Task material>
%%
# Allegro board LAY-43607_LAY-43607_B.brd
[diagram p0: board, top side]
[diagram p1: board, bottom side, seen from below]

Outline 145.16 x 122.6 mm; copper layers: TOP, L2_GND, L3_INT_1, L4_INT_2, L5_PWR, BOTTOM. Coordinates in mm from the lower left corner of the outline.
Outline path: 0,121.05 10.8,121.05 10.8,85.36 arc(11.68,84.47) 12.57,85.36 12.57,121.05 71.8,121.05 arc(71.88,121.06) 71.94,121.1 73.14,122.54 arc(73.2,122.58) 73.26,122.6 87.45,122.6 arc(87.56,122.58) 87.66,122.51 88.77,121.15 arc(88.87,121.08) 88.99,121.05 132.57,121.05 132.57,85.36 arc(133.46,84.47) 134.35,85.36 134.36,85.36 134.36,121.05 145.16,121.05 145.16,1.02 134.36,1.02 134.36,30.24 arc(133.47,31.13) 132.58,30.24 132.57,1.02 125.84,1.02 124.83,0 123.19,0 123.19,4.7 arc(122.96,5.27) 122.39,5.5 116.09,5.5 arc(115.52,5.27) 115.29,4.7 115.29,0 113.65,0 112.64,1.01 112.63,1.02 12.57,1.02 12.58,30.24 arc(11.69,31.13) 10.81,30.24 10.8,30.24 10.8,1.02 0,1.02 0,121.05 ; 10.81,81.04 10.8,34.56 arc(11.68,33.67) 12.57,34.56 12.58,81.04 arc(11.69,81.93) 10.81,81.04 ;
%%
What the task asks> Repeat what the records above say. Use their exact words.

Written response>
# Allegro board LAY-43607_LAY-43607_B.brd
[diagram p0: board, top side]
[diagram p1: board, bottom side, seen from below]

Outline 145.16 x 122.6 mm; copper layers: TOP, L2_GND, L3_INT_1, L4_INT_2, L5_PWR, BOTTOM. Coordinates in mm from the lower left corner of the outline.
Outline path: 0,121.05 10.8,121.05 10.8,85.36 arc(11.68,84.47) 12.57,85.36 12.57,121.05 71.8,121.05 arc(71.88,121.06) 71.94,121.1 73.14,122.54 arc(73.2,122.58) 73.26,122.6 87.45,122.6 arc(87.56,122.58) 87.66,122.51 88.77,121.15 arc(88.87,121.08) 88.99,121.05 132.57,121.05 132.57,85.36 arc(133.46,84.47) 134.35,85.36 134.36,85.36 134.36,121.05 145.16,121.05 145.16,1.02 134.36,1.02 134.36,30.24 arc(133.47,31.13) 132.58,30.24 132.57,1.02 125.84,1.02 124.83,0 123.19,0 123.19,4.7 arc(122.96,5.27) 122.39,5.5 116.09,5.5 arc(115.52,5.27) 115.29,4.7 115.29,0 113.65,0 112.64,1.01 112.63,1.02 12.57,1.02 12.58,30.24 arc(11.69,31.13) 10.81,30.24 10.8,30.24 10.8,1.02 0,1.02 0,121.05 ; 10.81,81.04 10.8,34.56 arc(11.68,33.67) 12.57,34.56 12.58,81.04 arc(11.69,81.93) 10.81,81.04 ;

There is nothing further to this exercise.